++++ Records shown

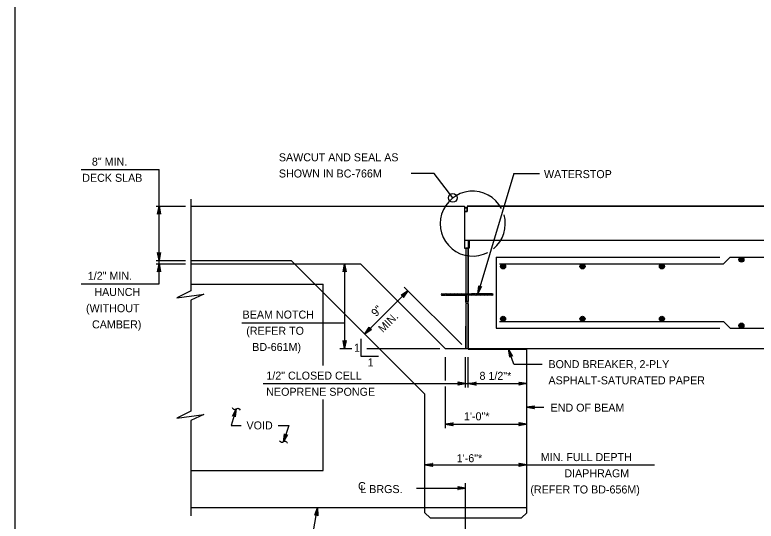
# Model space of a CAD drawing. Extents: x 636530 to 644067, y 294168 to 299122.
# Drawn here: x 642410.8 to 642688.5, y 297245.6 to 297435.5 of the extents above; entities that cross this region are included whole.
import ezdxf

# ---------------------------------------------------------------- set-up
doc = ezdxf.new("R2010")
doc.units = 0
doc.layers.add('1', color=7, linetype='Continuous')

msp = doc.modelspace()

# ---------------------------------------------------------------- linework, layer by layer
at = {"layer": '1'}
for p, q in [((642410.78, 297717.48), (642410.78, 297153.48)), ((642435.67, 297377.51), (642464.84, 297377.51)), ((642464.84, 297343.34), (642464.84, 297377.51)), ((642567.84, 297375.92), (642559.26, 297375.92)), ((642574.89, 297366.79), (642567.84, 297375.92)), ((642597.72, 297375.92), (642584.26, 297330.84)), ((642597.72, 297375.92), (642607.37, 297375.92)), ((642476.67, 297366.39), (642476.67, 297331.92)), ((642463.72, 297363.67), (642474.72, 297363.67)), ((642476.67, 297363.67), (642579.31, 297363.67)), ((642579.31, 297363.67), (642579.31, 297347.92)), ((642580.26, 297363.67), (642731.07, 297363.67)), ((642580.26, 297363.67), (642580.26, 297361.76)), ((642579.31, 297363.03), (642580.26, 297363.03)), ((642579.31, 297361.76), (642580.26, 297361.76)), ((642580.65, 297350.96), (642731.07, 297350.96)), ((642580.65, 297350.96), (642580.65, 297347.92)), ((642581.03, 297350.96), (642581.03, 297347.92)), ((642579.31, 297347.92), (642580.65, 297347.92)), ((642579.7, 297347.92), (642579.7, 297330.84)), ((642581.03, 297347.92), (642580.65, 297347.92)), ((642580.65, 297347.92), (642580.65, 297330.84)), ((642591.16, 297344.61), (642591.16, 297317.95)), ((642591.16, 297344.61), (642674.98, 297344.61)), ((642676.25, 297342.08), (642678.79, 297344.61)), ((642678.79, 297344.61), (642731.07, 297344.61)), ((642463.72, 297343.34), (642474.72, 297343.34)), ((642463.72, 297342.08), (642474.72, 297342.08)), ((642464.84, 297334.52), (642464.84, 297343.34)), ((642476.67, 297343.34), (642514.35, 297343.34)), ((642476.67, 297342.08), (642515.61, 297342.08)), ((642564.45, 297293.24), (642514.35, 297343.34)), ((642515.61, 297342.08), (642540.32, 297342.08)), ((642534.34, 297342.08), (642534.34, 297310.33)), ((642572.07, 297310.33), (642540.32, 297342.08)), ((642592.38, 297342.08), (642676.25, 297342.08)), ((642435.67, 297334.52), (642464.84, 297334.52)), ((642476.67, 297334.46), (642526.35, 297334.46)), ((642526.35, 297303.91), (642526.35, 297334.46)), ((642578.21, 297311.81), (642556.65, 297333.36)), ((642558.04, 297331.98), (642541.87, 297315.82)), ((642570.74, 297330.99), (642570.51, 297330.59)), ((642570.51, 297330.59), (642570.74, 297330.19)), ((642570.74, 297330.99), (642570.82, 297330.84)), ((642570.82, 297330.34), (642570.74, 297330.19)), ((642570.82, 297330.84), (642572.18, 297330.84)), ((642570.82, 297330.34), (642572.18, 297330.34)), ((642572.26, 297330.99), (642572.18, 297330.84)), ((642572.18, 297330.34), (642572.26, 297330.19)), ((642572.26, 297330.99), (642572.35, 297330.84)), ((642572.35, 297330.34), (642572.26, 297330.19)), ((642572.35, 297330.84), (642573.7, 297330.84)), ((642572.35, 297330.34), (642573.7, 297330.34)), ((642573.79, 297330.99), (642573.7, 297330.84)), ((642573.7, 297330.34), (642573.79, 297330.19)), ((642573.79, 297330.99), (642573.87, 297330.84)), ((642573.87, 297330.34), (642573.79, 297330.19)), ((642573.87, 297330.84), (642575.23, 297330.84)), ((642573.87, 297330.34), (642575.23, 297330.34)), ((642575.31, 297330.99), (642575.23, 297330.84)), ((642575.23, 297330.34), (642575.31, 297330.19)), ((642575.31, 297330.99), (642575.39, 297330.84)), ((642575.39, 297330.34), (642575.31, 297330.19)), ((642575.39, 297330.84), (642576.75, 297330.84)), ((642575.39, 297330.34), (642576.75, 297330.34)), ((642576.83, 297330.99), (642576.75, 297330.84)), ((642576.75, 297330.34), (642576.83, 297330.19)), ((642576.83, 297330.99), (642576.92, 297330.84)), ((642576.92, 297330.34), (642576.83, 297330.19)), ((642576.92, 297330.84), (642578.27, 297330.84)), ((642576.92, 297330.34), (642578.27, 297330.34)), ((642578.36, 297330.99), (642578.27, 297330.84)), ((642578.27, 297330.34), (642578.36, 297330.19)), ((642578.36, 297330.99), (642578.44, 297330.84)), ((642578.44, 297330.34), (642578.36, 297330.19)), ((642578.44, 297330.84), (642581.89, 297330.84)), ((642578.44, 297330.34), (642579.69, 297330.34)), ((642579.69, 297330.34), (642579.69, 297327.93)), ((642579.84, 297330.64), (642580.5, 297330.64)), ((642579.84, 297330.64), (642579.84, 297327.93)), ((642580.5, 297330.64), (642580.5, 297327.93)), ((642580.65, 297330.34), (642580.65, 297327.93)), ((642581.89, 297330.34), (642580.65, 297330.34)), ((642581.97, 297330.99), (642581.89, 297330.84)), ((642581.89, 297330.34), (642581.97, 297330.19)), ((642581.97, 297330.99), (642582.06, 297330.84)), ((642582.06, 297330.34), (642581.97, 297330.19)), ((642583.41, 297330.84), (642582.06, 297330.84)), ((642583.41, 297330.34), (642582.06, 297330.34)), ((642583.5, 297330.99), (642583.41, 297330.84)), ((642583.41, 297330.34), (642583.5, 297330.19)), ((642583.5, 297330.99), (642583.58, 297330.84)), ((642583.58, 297330.34), (642583.5, 297330.19)), ((642584.94, 297330.84), (642583.58, 297330.84)), ((642584.94, 297330.34), (642583.58, 297330.34)), ((642585.02, 297330.99), (642584.94, 297330.84)), ((642584.94, 297330.34), (642585.02, 297330.19)), ((642585.02, 297330.99), (642585.11, 297330.84)), ((642585.11, 297330.34), (642585.02, 297330.19)), ((642586.46, 297330.84), (642585.11, 297330.84)), ((642586.46, 297330.34), (642585.11, 297330.34)), ((642586.55, 297330.99), (642586.46, 297330.84)), ((642586.46, 297330.34), (642586.55, 297330.19)), ((642586.55, 297330.99), (642586.63, 297330.84)), ((642586.63, 297330.34), (642586.55, 297330.19)), ((642587.99, 297330.84), (642586.63, 297330.84)), ((642587.99, 297330.34), (642586.63, 297330.34)), ((642588.07, 297330.99), (642587.99, 297330.84)), ((642587.99, 297330.34), (642588.07, 297330.19)), ((642588.07, 297330.99), (642588.15, 297330.84)), ((642588.15, 297330.34), (642588.07, 297330.19)), ((642589.51, 297330.84), (642588.15, 297330.84)), ((642589.51, 297330.34), (642588.15, 297330.34)), ((642589.59, 297330.99), (642589.51, 297330.84)), ((642589.51, 297330.34), (642589.59, 297330.19)), ((642589.59, 297330.99), (642589.82, 297330.59)), ((642589.82, 297330.59), (642589.59, 297330.19)), ((642476.67, 297328.4), (642476.67, 297286.78)), ((642579.7, 297327.22), (642579.69, 297310.33)), ((642580.5, 297327.93), (642579.84, 297327.93)), ((642580.65, 297327.22), (642580.65, 297310.33)), ((642495.88, 297319.96), (642534.34, 297319.96)), ((642592.38, 297320.48), (642676.25, 297320.48)), ((642676.25, 297320.48), (642678.79, 297317.95)), ((642591.16, 297317.95), (642674.98, 297317.95)), ((642678.79, 297317.95), (642731.07, 297317.95)), ((642540.44, 297313.99), (642540.44, 297307.41)), ((642532.59, 297310.33), (642536.99, 297310.33)), ((642542.63, 297310.33), (642569.96, 297310.33)), ((642572.07, 297310.33), (642579.69, 297310.33)), ((642579.69, 297310.33), (642731.07, 297310.33)), ((642580.65, 297310.02), (642580.65, 297310.33)), ((642580.65, 297310.02), (642602.55, 297310.02)), ((642597.68, 297304.49), (642595.71, 297310.02)), ((642602.55, 297248.73), (642602.55, 297310.33)), ((642540.44, 297307.41), (642547.03, 297307.41)), ((642572.07, 297307.12), (642572.07, 297298.33)), ((642579.69, 297295.65), (642579.69, 297307.12)), ((642580.65, 297295.65), (642580.65, 297307.12)), ((642597.68, 297304.49), (642608.39, 297304.49)), ((642503.78, 297297.16), (642602.55, 297297.16)), ((642572.07, 297296.05), (642572.07, 297280.48)), ((642526.35, 297264.61), (642526.35, 297291.23)), ((642564.45, 297248.73), (642564.45, 297293.24)), ((642493.72, 297287.69), (642491.8, 297281.48)), ((642602.55, 297288.26), (642608.95, 297288.26)), ((642476.67, 297283.26), (642476.67, 297247.61)), ((642491.8, 297281.48), (642495.59, 297281.48)), ((642509.43, 297281.48), (642513.42, 297281.48)), ((642513.42, 297281.48), (642511.5, 297275.26)), ((642572.07, 297281.92), (642602.55, 297281.92)), ((642564.45, 297266.68), (642650.47, 297266.68)), ((642476.67, 297264.61), (642526.35, 297264.61)), ((642561.3, 297257.96), (642579.69, 297257.96)), ((642579.69, 297227.2), (642579.69, 297259.77)), ((642476.67, 297250.64), (642564.45, 297250.64)), ((642521.46, 297234.7), (642524.23, 297250.64)), ((642564.45, 297250.64), (642602.55, 297250.64)), ((642564.45, 297248.73), (642566.36, 297246.83)), ((642566.36, 297246.83), (642600.65, 297246.83)), ((642600.65, 297246.83), (642602.55, 297248.73))]:
    msp.add_line(p, q, dxfattribs=at)
for points in [[(642464.84, 297363.67), (642465.4, 297360.68), (642465.32, 297360.8), (642465.24, 297360.91), (642465.14, 297360.97), (642465.04, 297361.03), (642464.94, 297361.05), (642464.84, 297361.07), (642464.74, 297361.05), (642464.64, 297361.03), (642464.54, 297360.97), (642464.44, 297360.91), (642464.36, 297360.8), (642464.28, 297360.68), (642464.84, 297363.67), (642464.36, 297360.8), (642464.44, 297360.91), (642464.84, 297363.67), (642464.54, 297360.97), (642464.64, 297361.03), (642464.84, 297363.67), (642464.74, 297361.05), (642464.84, 297361.07), (642464.84, 297363.67), (642464.94, 297361.05), (642465.04, 297361.03), (642464.84, 297363.67), (642465.14, 297360.97), (642465.24, 297360.91), (642464.84, 297363.67), (642465.32, 297360.8)], [(642464.84, 297343.34), (642464.28, 297346.33), (642464.36, 297346.21), (642464.44, 297346.1), (642464.54, 297346.04), (642464.64, 297345.98), (642464.74, 297345.96), (642464.84, 297345.94), (642464.94, 297345.96), (642465.04, 297345.98), (642465.14, 297346.04), (642465.24, 297346.1), (642465.32, 297346.21), (642465.4, 297346.33), (642464.84, 297343.34), (642465.32, 297346.21), (642465.24, 297346.1), (642464.84, 297343.34), (642465.14, 297346.04), (642465.04, 297345.98), (642464.84, 297343.34), (642464.94, 297345.96), (642464.84, 297345.94), (642464.84, 297343.34), (642464.74, 297345.96), (642464.64, 297345.98), (642464.84, 297343.34), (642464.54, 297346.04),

++++++++

Task statement: Both ends included, copy word for word the lines from the top of the entries above through the line with "msp = doc.modelspace()". No pictures.

Written response:
# Model space of a CAD drawing. Extents: x 636530 to 644067, y 294168 to 299122.
# Drawn here: x 642410.8 to 642688.5, y 297245.6 to 297435.5 of the extents above; entities that cross this region are included whole.
import ezdxf

# ---------------------------------------------------------------- set-up
doc = ezdxf.new("R2010")
doc.units = 0
doc.layers.add('1', color=7, linetype='Continuous')

msp = doc.modelspace()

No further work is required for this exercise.